If it's not too late to join...

Name...Emily
Age...14
Country...USA
Horse's Name...None (unfortunately)
Why...I think/dream/draw/write about horses almost 24/7 and I luv them soooooo much.


----------



## sammiwhiskers2k6 (Dec 4, 2006)

Name: Terri 
Age: 16
Country: uk! all the way! 
Horses name: Sammi Whiskers and Betti Boo Too!
Why you want to join: cuz its about ponies!! werever ponies r i am


----------



## child in time (Dec 4, 2006)

Name: Marija
Age: 21
Country: Croatia
Horses name: Hera, Primavera
Why you want to join: Cause I love horses and surely I always will.


----------



## kristy (Dec 8, 2006)

Sammi - your sig made me laugh.. didn't expect that.


----------



## sparky (Dec 14, 2006)

Name: Ashleigh
Age: 16
Country: Australia baby!
Horses name: Zanath
Why you want to join: It's about horses and ponies.


----------



## horsecrazy15 (Dec 26, 2006)

name: Annie
Age: 15
Country:england(uk)
horse name(s): evie, max, major bill, prince, poppet, molly, charm, besty, major, tony, minstral, polo and louie
why i want join: because as you can see i love horses and i own so many, personally i think horses are simply the best (starts singing that song "your simply the best, best than all the rest.) sorry in mine and my horses dream world (singing  )


----------



## Horse Chick (Dec 7, 2006)

Name: Kristine
Age: 15
Country: USA
Horses name: Trigger
Why you want to join: because i love horses...there my life


----------



## horsecrazy15 (Dec 26, 2006)

when will we know if we've passed?


----------



## englishcowgrl (Jan 24, 2007)

Name: Emily
Age: 15
Country: CANADA!
Horses name: Keva
Why you want to join: i L.O.V.E horses and were there are horses, you will surly see me!


----------



## Miischiief (Jan 22, 2007)

Name: Gemma
Age: 14
Country: uk!

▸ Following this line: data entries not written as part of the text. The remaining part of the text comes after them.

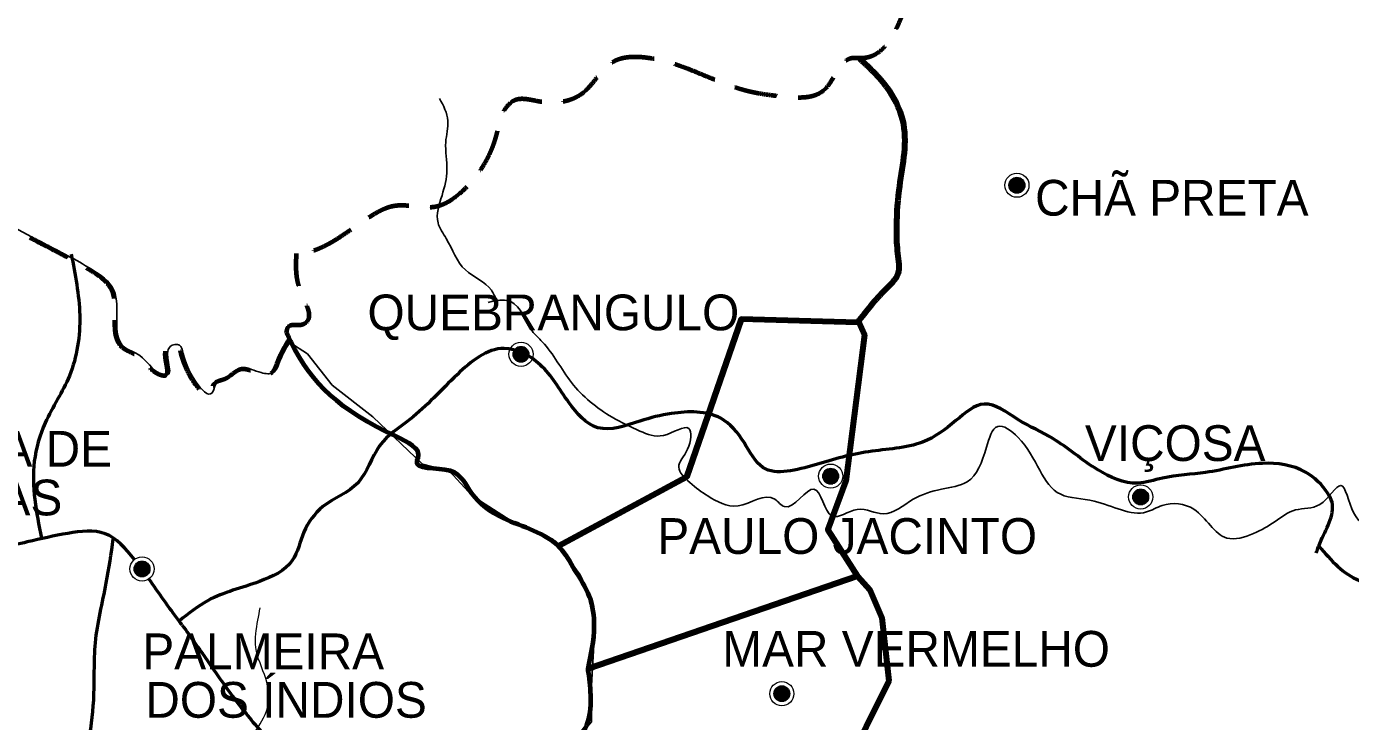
# Model space of a CAD drawing. Extents: x 512883 to 1063249, y 8784064 to 9081064.
# Drawn here: x 755485 to 811055, y 8952193 to 8981350 of the extents above; entities that cross this region are included whole.
import ezdxf

# ---------------------------------------------------------------- set-up
doc = ezdxf.new("R2010")
doc.units = 0
doc.header["$LTSCALE"] = 600
doc.linetypes.add('MEDIUM_DASHED', pattern=[4.5, 3, -1.5])
for name, color, linetype, lineweight in [('10', 7, 'Continuous', 53), ('13', 7, 'Continuous', 90), ('20', 7, 'Continuous', 53), ('5', 7, 'Continuous', 13), ('60', 7, 'Continuous', 25), ('7', 7, 'Continuous', 13)]:
    doc.layers.add(name, color=color, linetype=linetype, lineweight=lineweight)

msp = doc.modelspace()

# ---------------------------------------------------------------- linework, layer by layer
at = {"layer": '10'}
for points in [[(809616.9, 8959267.4), (809825.5, 8959797.2), (810249, 8961488.9), (810105.3, 8961759.7), (809170.8, 8962654), (807357.9, 8963023.8), (804970.4, 8962640.4), (803164.1, 8962405.1), (802121.3, 8962193), (800446.9, 8962751), (798563.3, 8964059.7), (797087.1, 8964868.8), (795673.1, 8965511.1), (794494.9, 8964818.7), (793098, 8963916.8), (790831.3, 8963513), (788586.3, 8962963.2), (786396.8, 8962851.7), (785601.5, 8963892.6), (784625.4, 8964912), (782553, 8965114), (781230, 8964796.7), (779464.4, 8964519.7), (778246.8, 8965580), (777043.4, 8967162.2), (775528.5, 8967845.9), (773570.9, 8966754.4), (771581.8, 8964869.9), (770307.8, 8963759.7), (769400.4, 8962212.5), (767924.2, 8961206.1), (767132.1, 8960139.2), (766642.8, 8958948.2), (765265.7, 8958067.2), (763103.9, 8957267.3), (761887.4, 8956407.7)], [(760025.4, 8958989.5), (758791.9, 8960070.6), (757224, 8960086.4), (755519.6, 8959726.1), (753291.3, 8959489.3), (750147.9, 8960209.6), (749997.5, 8960195.6)], [(760373.1, 8942504.5), (759520.9, 8943232.2), (758173.4, 8945126.8), (757857.6, 8946419.7), (757806.3, 8949236.7), (758306.2, 8953099), (758380.2, 8955499.1), (758834.8, 8958004.7), (759126.7, 8959859.4)], [(809734.3, 8959555), (811432, 8958112), (812579.6, 8957927.9), (814085.6, 8958058), (814804.3, 8958498.5), (816229.1, 8958691), (817376.8, 8958506.8), (818165.9, 8958029.4), (818881.1, 8956967.5), (819268.1, 8956509.6), (820335.8, 8956283.5), (821302.8, 8956077.9), (822492.5, 8955727), (823556.6, 8954019.2), (824559.4, 8952394.8), (826374, 8950063.4), (827121.3, 8946706.5), (827050.8, 8944306.1)], [(762022.2, 8956228.6), (761887.4, 8956407.7), (760623.2, 8958172.3)]]:
    msp.add_spline(points, degree=3, dxfattribs=at)
at = {"layer": '13'}
msp.add_line((790366.5, 8958294.4), (779053.8, 8954397.2), dxfattribs=at)
for points in [[(790369.3, 8968937.3), (785483.9, 8969067.6), (783185.5, 8962444.9), (777810.8, 8959546.7)], [(790399.5, 8968972.9), (790656.5, 8968416.5), (789880.2, 8962278.7), (789119.1, 8960231.1), (790366.5, 8958294.4), (790875.4, 8957711.7), (791390.8, 8956544.8), (791681.4, 8953895.4), (789774.1, 8950070.4), (790016.3, 8949759.2)]]:
    msp.add_lwpolyline(points, dxfattribs=at)
at = {"layer": '13', "lineweight": 25}
msp.add_lwpolyline([(787332.9, 8950099.2), (785823.8, 8950099.2), (783836.6, 8949815), (781186.9, 8949530.8), (779767.4, 8949720.3), (778537.2, 8949909.7), (777401.6, 8949909.7), (777874.8, 8950667.6), (778726.4, 8951614.9), (779199.6, 8952183.3), (779199.6, 8953699), (779294.2, 8955404.1), (779294.2, 8957014.5), (778726.4, 8958340.8), (777685.5, 8959761.7), (775982.1, 8960519.6), (774184.1, 8961656.3), (773237.8, 8962698.4), (772102.2, 8962982.6), (770020.3, 8964971.9), (768316.9, 8966298.1), (767276, 8967624.4), (766531.3, 8968098.7)], dxfattribs=at)
at = {"layer": '13', "linetype": 'MEDIUM_DASHED', "lineweight": 70}
for points in [[(794561.3, 8984247.3), (793616.3, 8984286), (792392.4, 8982278.7), (790528.1, 8980018.9), (790126.1, 8980017.6), (788955.1, 8978678.2), (787269.9, 8978401.5), (785639, 8978667.5), (783741.9, 8979370.9), (781684.8, 8980011.2), (780098.6, 8979860), (778786.9, 8978520.2), (777001.7, 8978201.4), (775996.1, 8978260.7), (775361.7, 8977465.7), (775246.4, 8976985.3), (773727.5, 8974392.8), (772648.9, 8973784.1), (770940.2, 8973820.3), (769920, 8973378.8), (768383.8, 8972351.3), (766882.2, 8971824.7), (766821.9, 8971824.5)], [(753258.6, 8973800.6), (756145, 8972228.3), (758126.6, 8971149.5), (759060.8, 8970276.1), (759489.1, 8967898.4), (760156.5, 8967525), (761008.9, 8966776.5), (761311.1, 8966714.8), (761418.5, 8967904.7), (761819.8, 8967968.6), (761964.4, 8967614.3), (763228, 8966032.4), (763365, 8966366.7), (763825, 8966576.9), (764463.7, 8966975.4), (765249.4, 8966811), (765751.8, 8966812.7), (766047.5, 8967335.3), (766506.4, 8968208.9)], [(766401.5, 8968517.5), (766493.8, 8968776.7), (767015.7, 8968841), (767255.5, 8968966.9), (767000.5, 8970218.2), (766821.9, 8971824.5)]]:
    msp.add_spline(points, degree=3, dxfattribs=at)
at = {"layer": '13'}
msp.add_spline([(790464.2, 8979989.1), (791688.7, 8978666.2), (792287.2, 8977249.1), (792096.9, 8974473), (791995.2, 8972761.4), (792045.8, 8971822.5), (792055.3, 8970966.9), (791539.9, 8970318.3), (790369.3, 8968937.3)], degree=3, dxfattribs=at)
at = {"layer": '13', "lineweight": 25}
msp.add_spline([(766531.3, 8968098.7), (766139.1, 8967352), (765843.4, 8966829.4), (765340.9, 8966827.7), (764555.2, 8966992.2), (763916.5, 8966593.6), (763456.6, 8966383.4), (763319.6, 8966049.1), (762055.9, 8967631), (761911.3, 8967985.3), (761510.1, 8967921.4), (761402.6, 8966731.5), (761100.5, 8966793.2), (760248, 8967541.7), (759580.7, 8967915.2), (759152.4, 8970292.8), (758218.2, 8971166.2), (756236.6, 8972245), (753350.1, 8973817.3)], degree=3, dxfattribs=at)
at = {"layer": '13', "lineweight": 70}
for points in [[(779053.8, 8954397.2), (779315.4, 8956192.7), (779120.9, 8957423.3), (778505.5, 8958548.2), (777872, 8959485.3), (775486.6, 8960729.7), (774168.7, 8961768.8), (773274, 8962705), (771882.4, 8963138.8), (771921.4, 8963243.2), (770966.7, 8964158.3), (766602, 8968088.4), (766401.5, 8968517.5)], [(777083.3, 8949780.2), (777094.8, 8949799.9), (777707.5, 8950740.9), (778940.6, 8951913.5), (779169.6, 8953020.3), (779097.1, 8954126.1), (779053.8, 8954397.2)]]:
    msp.add_spline(points, degree=3, dxfattribs=at)
at = {"layer": '20'}
for points in [[(757362.8, 8971798.3), (757718.1, 8969235), (757286.6, 8966697.4), (756271.3, 8964723.6), (755814.4, 8963108.8), (756109.2, 8959887.7)], [(762022.2, 8956228.6), (763065.5, 8954766.9), (764487.8, 8952789.5), (765663, 8951394.6), (767135.2, 8949600.3), (768531.3, 8947190.8), (769724.3, 8944935.2), (771450.3, 8942705.1), (774169.2, 8941219.5), (776144.1, 8941290.1)]]:
    msp.add_spline(points, degree=3, dxfattribs=at)
at = {"layer": '5'}
for p, q in [((796721.7, 8974699.1), (797386.5, 8974699.1)), ((796722.3, 8974669.1), (797386.2, 8974669.1)), ((796723.8, 8974729.1), (797384.4, 8974729.1)), ((796725.3, 8974639.1), (797382.9, 8974639.1)), ((796728.6, 8974759.1), (797379.6, 8974759.1)), ((796731.3, 8974609.1), (797376.9, 8974609.1)), ((796736.7, 8974789.1), (797371.5, 8974789.1)), ((796747.5, 8974819.1), (797360.7, 8974819.4)), ((796761.9, 8974849.1), (797346.6, 8974849.1)), ((796780.2, 8974879.1), (797328.3, 8974879.1)), ((796804.2, 8974909.1), (797304.6, 8974909.1)), ((796833.3, 8974939.1), (797274.9, 8974939.1)), ((796872.9, 8974969.1), (797235.3, 8974969.1)), ((796930.2, 8974999.1), (797178, 8974999.1)), ((796740.3, 8974579.1), (797367.9, 8974579.1)), ((796752.9, 8974549.1), (797355.6, 8974549.4)), ((796768.8, 8974519.1), (797339.4, 8974519.1)), ((796789.5, 8974489.1), (797319, 8974489.4)), ((796814.7, 8974458.8), (797293.8, 8974459.1)), ((796848, 8974429.1), (797260.2, 8974429.1)), ((796893, 8974399.1), (797215.2, 8974399.1)), ((796966.8, 8974369.1), (797141.1, 8974369.1)), ((775908.5, 8967607.6), (776573.2, 8967607.6)), ((775909.1, 8967577.6), (776573, 8967577.6)), ((775910.6, 8967637.6), (776571.2, 8967637.6)), ((775912.1, 8967547.6), (776569.7, 8967547.6)), ((775915.3, 8967667.6), (776566.3, 8967667.6)), ((775918.1, 8967517.6), (776563.7, 8967517.6)), ((775923.5, 8967697.6), (776558.2, 8967697.6)), ((775927.1, 8967487.6), (776554.7, 8967487.6)), ((775934.2, 8967727.6), (776547.5, 8967727.9)), ((775939.7, 8967457.6), (776542.3, 8967457.9)), ((775948.7, 8967757.6), (776533.3, 8967757.6)), ((775955.6, 8967427.6), (776526.2, 8967427.6)), ((775967, 8967787.6), (776515.1, 8967787.6)), ((775976.2, 8967397.6), (776505.8, 8967397.9)), ((775991, 8967817.6), (776491.3, 8967817.6)), ((776020.1, 8967847.6), (776461.7, 8967847.6)), ((776059.7, 8967877.6), (776422.1, 8967877.6)), ((776117, 8967907.6), (776364.8, 8967907.6)), ((776001.5, 8967367.3), (776480.6, 8967367.6)), ((776034.8, 8967337.6), (776447, 8967337.6)), ((776079.8, 8967307.6), (776402, 8967307.6)), ((776153.6, 8967277.6), (776327.8, 8967277.6)), ((788905.1, 8962495.8), (789569.9, 8962495.8)), ((788905.7, 8962465.8), (789569.6, 8962465.8)), ((788907.2, 8962525.8), (789567.8, 8962525.8)), ((788908.7, 8962435.8), (789566.3, 8962435.8)), ((788912, 8962555.8), (789563, 8962555.8)), ((788914.7, 8962405.8), (789560.3, 8962405.8)), ((788920.1, 8962585.8), (789554.9, 8962585.8)), ((788930.9, 8962615.8), (789544.1, 8962616.1)), ((788945.3, 8962645.8), (789530, 8962645.8)), ((788963.6, 8962675.8), (789511.7, 8962675.8)), ((788987.6, 8962705.8), (789488, 8962705.8)), ((789016.7, 8962735.8), (789458.3, 8962735.8)), ((789056.3, 8962765.8), (789418.7, 8962765.8)), ((789113.6, 8962795.8), (789361.4, 8962795.8)), ((788923.7, 8962375.8), (789551.3, 8962375.8)), ((788936.3, 8962345.8), (789539, 8962346.1)), ((788952.2, 8962315.8), (789522.8, 8962315.8)), ((788972.9, 8962285.8), (789502.4, 8962286.1)), ((788998.1, 8962255.5), (789477.2, 8962255.8)), ((789031.4, 8962225.8), (789443.6, 8962225.8)), ((789076.4, 8962195.8), (789398.6, 8962195.8)), ((789150.2, 8962165.8), (789324.5, 8962165.8)), ((801999.5, 8961832.5), (802499.8, 8961832.5)), ((802028.6, 8961862.5), (802470.2, 8961862.5)), ((802068.2, 8961892.5), (802430.6, 8961892.5)), ((802125.5, 8961922.5), (802373.2, 8961922.5)), ((801917, 8961622.5), (802581.8, 8961622.5)), ((801917.6, 8961592.5), (802581.5, 8961592.5)), ((801919.1, 8961652.5), (802579.7, 8961652.5)), ((801920.6, 8961562.5), (802578.2, 8961562.5)), ((801923.8, 8961682.5), (802574.8, 8961682.5)), ((801926.6, 8961532.5), (802572.2, 8961532.5)), ((801932, 8961712.5), (802566.8, 8961712.5)), ((801935.6, 8961502.5), (802563.2, 8961502.5)), ((801942.8, 8961742.5), (802556, 8961742.8)), ((801948.2, 8961472.5), (802550.8, 8961472.8)), ((801957.2, 8961772.5), (802541.8, 8961772.5)), ((801964.1, 8961442.5), (802534.7, 8961442.5)), ((801975.5, 8961802.5), (802523.6, 8961802.5)), ((801984.8, 8961412.5), (802514.2, 8961412.8)), ((802010, 8961382.2), (802489.1, 8961382.5)), ((802043.2, 8961352.5), (802455.5, 8961352.5)), ((802088.2, 8961322.5), (802410.5, 8961322.5)), ((802162.1, 8961292.5), (802336.3, 8961292.5)), ((760002.6, 8958602.3), (760667.4, 8958602.3)), ((760003.2, 8958572.3), (760667.1, 8958572.3)), ((760004.7, 8958632.3), (760665.3, 8958632.3)), ((760006.2, 8958542.3), (760663.8, 8958542.3)), ((760009.5, 8958662.3), (760660.5, 8958662.3)), ((760012.2, 8958512.3), (760657.8, 8958512.3)), ((760017.6, 8958692.3), (760652.4, 8958692.3)), ((760028.4, 8958722.3), (760641.6, 8958722.6)), ((760042.8, 8958752.3), (760627.5, 8958752.3)), ((760061.1, 8958782.3), (760609.2, 8958782.3)), ((760085.1, 8958812.3), (760585.5, 8958812.3)), ((760114.2, 8958842.3), (760555.8, 8958842.3)), ((760153.8, 8958872.3), (760516.2, 8958872.3)), ((760211.1, 8958902.3), (760458.9, 8958902.3)), ((760021.2, 8958482.3), (760648.8, 8958482.3)), ((760033.8, 8958452.3), (760636.5, 8958452.6)), ((760049.7, 8958422.3), (760620.3, 8958422.3)), ((760070.4, 8958392.3), (760599.9, 8958392.6)), ((760095.6, 8958362), (760574.7, 8958362.3)), ((760128.9, 8958332.3), (760541.1, 8958332.3)), ((760173.9, 8958302.3), (760496.1, 8958302.3)), ((760247.7, 8958272.3), (760422, 8958272.3)), ((786881.3, 8953489.7), (787494.5, 8953490)), ((786895.7, 8953519.7), (787480.4, 8953519.7)), ((786914, 8953549.7), (787462.1, 8953549.7)), ((786938, 8953579.7), (787438.4, 8953579.7)), ((786967.1, 8953609.7), (787408.7, 8953609.7)), ((787006.7, 8953639.7), (787369.1, 8953639.7)), ((787064, 8953669.7), (787311.8, 8953669.7)), ((786855.5, 8953369.7), (787520.3, 8953369.7)), ((786856.1, 8953339.7), (787520, 8953339.7)), ((786857.6, 8953399.7), (787518.2, 8953399.7)), ((786859.1, 8953309.7), (787516.7, 8953309.7)), ((786862.4, 8953429.7), (787513.4, 8953429.7)), ((786865.1, 8953279.7), (787510.7, 8953279.7)), ((786870.5, 8953459.7), (787505.3, 8953459.7)), ((786874.1, 8953249.7), (787501.7, 8953249.7)), ((786886.7, 8953219.7), (787489.4, 8953220)), ((786902.6, 8953189.7), (787473.2, 8953189.7)), ((786923.3, 8953159.7), (787452.8, 8953160)), ((786948.5, 8953129.4), (787427.6, 8953129.7)), ((786981.8, 8953099.7), (787394, 8953099.7)), ((787026.8, 8953069.7), (787349, 8953069.7)), ((787100.6, 8953039.7), (787274.9, 8953039.7))]:
    msp.add_line(p, q, dxfattribs=at)
for centre, radius in [((797054.2, 8974690.1), 506.1), ((797054.2, 8974690.1), 332.9), ((776240.9, 8967598.6), 506.1), ((776240.9, 8967598.6), 332.9), ((789237.6, 8962486.8), 506.1), ((789237.6, 8962486.8), 332.9), ((802249.4, 8961613.5), 506.1), ((802249.4, 8961613.5), 332.9), ((760335.1, 8958593.3), 506.1), ((760335.1, 8958593.3), 332.9), ((787188, 8953360.7), 506.1), ((787188, 8953360.7), 332.9)]:
    msp.add_circle(centre, radius, dxfattribs=at)
at = {"layer": '60'}
for points in [[(928828.8, 9027989.5), (927727.3, 9017705.9), (905698.2, 8975836.8), (863108.4, 8926255), (823455.9, 8876673.2), (798489.5, 8846556.8), (787107.7, 8828193.2)], [(928828.8, 9027989.5), (927727.3, 9017705.9), (905698.2, 8975836.8), (863108.4, 8926255), (823455.9, 8876673.2), (798489.5, 8846556.8), (787107.7, 8828193.2)], [(775215.3, 8969867.5), (774999, 8970285.8), (773904.2, 8971137.9), (773105.9, 8972450), (772756.8, 8973116.6), (772925, 8974265), (773134.3, 8975329.9), (773081.2, 8976498.4), (773171.7, 8977396), (772819.7, 8978333.9)], [(818100.3, 8958307.5), (816732.1, 8958650.8), (814661, 8958727.6), (813018.1, 8958263.2), (811642.4, 8959072.6), (811814.1, 8959907.9), (811199.8, 8960928.5), (810644.2, 8962095.3), (809768.7, 8961299.5), (808746.2, 8961066.7), (807887.3, 8960583.9), (806988.5, 8960080.2), (805865.1, 8959888.7), (804485, 8961094.6), (803156.7, 8961257.3), (802496.5, 8960983.9), (800300.7, 8961435.9), (798890.6, 8961723.5), (797095.4, 8964117.5), (796246.2, 8964573.9), (795773.6, 8963695.9), (794965.5, 8962253.4), (793883.7, 8961936.8), (792702.5, 8961515.7), (791443, 8960906.4), (790355.7, 8961090.7), (789293.5, 8960816), (788537.4, 8961940.5), (787299.4, 8961206.1), (786894, 8961517.8), (785349.4, 8961241.5), (784078.6, 8961654.8), (783328.8, 8962215.8), (782859.3, 8962861.2), (783232.9, 8963613.7), (783283.5, 8964490.3), (782221.5, 8964194.7), (781234.7, 8964379.3), (780062.5, 8964959.8), (778358.1, 8966415.1), (777133.3, 8968122.4), (776706.2, 8968580.1), (775808.2, 8969808.4), (775064.4, 8969826.9), (774860.3, 8969768.4)]]:
    msp.add_spline(points, degree=3, dxfattribs=at)
at = {"layer": '60', "lineweight": 13}
msp.add_spline([(761930.5, 8946052.6), (762027.4, 8946763.3), (762062.9, 8947262.6), (762482.1, 8947680), (763020.7, 8948243.3), (763432.6, 8949409.5), (763747.6, 8950180.1), (764386.5, 8950785.3), (765042.7, 8951702.7), (765596.6, 8952765.3), (765524.3, 8953992.4), (765108.6, 8955301.8), (765198.3, 8956446.2), (765294.1, 8956966.6)], degree=3, dxfattribs=at)
at = {"layer": '7', "lineweight": 25}
for points in [[(775215.3, 8969867.5), (774999, 8970285.8), (773904.2, 8971137.9), (773105.9, 8972450), (772756.8, 8973116.6), (772925, 8974265), (773134.3, 8975329.9), (773081.2, 8976498.4), (773171.7, 8977396), (772819.7, 8978333.9)], [(818100.3, 8958307.5), (816732.1, 8958650.8), (814661, 8958727.6), (813018.1, 8958263.2), (811642.4, 8959072.6), (811814.1, 8959907.9), (811199.8, 8960928.5), (810644.2, 8962095.3), (809768.7, 8961299.5), (808746.2, 8961066.7), (807887.3, 8960583.9), (806988.5, 8960080.2), (805865.1, 8959888.7), (804485, 8961094.6), (803156.7, 8961257.3), (802496.5, 8960983.9), (800300.7, 8961435.9), (798890.6, 8961723.5), (797095.4, 8964117.5), (796246.2, 8964573.9), (795773.6, 8963695.9), (794965.5, 8962253.4), (793883.7, 8961936.8), (792702.5, 8961515.7), (791443, 8960906.4), (790355.7, 8961090.7), (789293.5, 8960816), (788537.4, 8961940.5), (787299.4, 8961206.1), (786894, 8961517.8), (785349.4, 8961241.5), (784078.6, 8961654.8), (783328.8, 8962215.8), (782859.3, 8962861.2), (783232.9, 8963613.7), (783283.5, 8964490.3), (782221.5, 8964194.7), (781234.7, 8964379.3), (780062.5, 8964959.8), (778358.1, 8966415.1), (777133.3, 8968122.4), (776706.2, 8968580.1), (775808.2, 8969808.4), (775064.4, 8969826.9), (774860.3, 8969768.4)]]:
    msp.add_spline(points, degree=3, dxfattribs=at)
at = {"layer": '7'}
msp.add_spline([(761930.5, 8946052.6), (762027.4, 8946763.3), (762062.9, 8947262.6), (762482.1, 8947680), (763020.7, 8948243.3), (763432.6, 8949409.5), (763747.6, 8950180.1), (764386.5, 8950785.3), (765042.7, 8951702.7), (765596.6, 8952765.3), (765524.3, 8953992.4), (765108.6, 8955301.8), (765198.3, 8956446.2), (765294.1, 8956966.6)], degree=3, dxfattribs=at)

# ---------------------------------------------------------------- texts
at = {"layer": '5'}
for s, p in [('CHÃ PRETA', (797815.6, 8973414.4)), ('QUEBRANGULO', (769796.3, 8968604)), ('VIÇOSA', (799907, 8963121.4)), ('ESTRELA DE', (746590.3, 8962884.2)), ('ALAGOAS', (747400.9, 8960840.2)), ('PAULO JACINTO', (781961.8, 8959223.7)), ('PALMEIRA ', (760348.3, 8954385.5)), ('MAR VERMELHO', (784687.5, 8954491.6)), ('DOS ÍNDIOS', (760473.3, 8952351.3))]:
    msp.add_text(s, height=1500, dxfattribs=at).set_placement(p)

doc.saveas('drawing.dxf')

All the way! The Best UK ! 
Horses name:Huntsgreen Mischief ! 
Why you want to join: Because it is about ponies and i have a pony of my own so I wish to join .......... and ................ there my life cannot live without them !!!! !!!!


----------



## Miischiief (Jan 22, 2007)

horsecrazy15 said:


> when will we know if we've passed?


Yer????


----------



## Friesian Mirror (Jan 11, 2007)

Name: Raechel
Age: 19
Country: USA
Horses name: Rose (Jilte's Jazzy Lady)
Why you want to join: I love horses and everything about them, I could never imagine my life without them. They are my one and only talent and skill. Rose (and others) are my best friends and the best thing thats ever happened to me. If there's a club, I want to be in it! I've got horses on the brain 24/7!


----------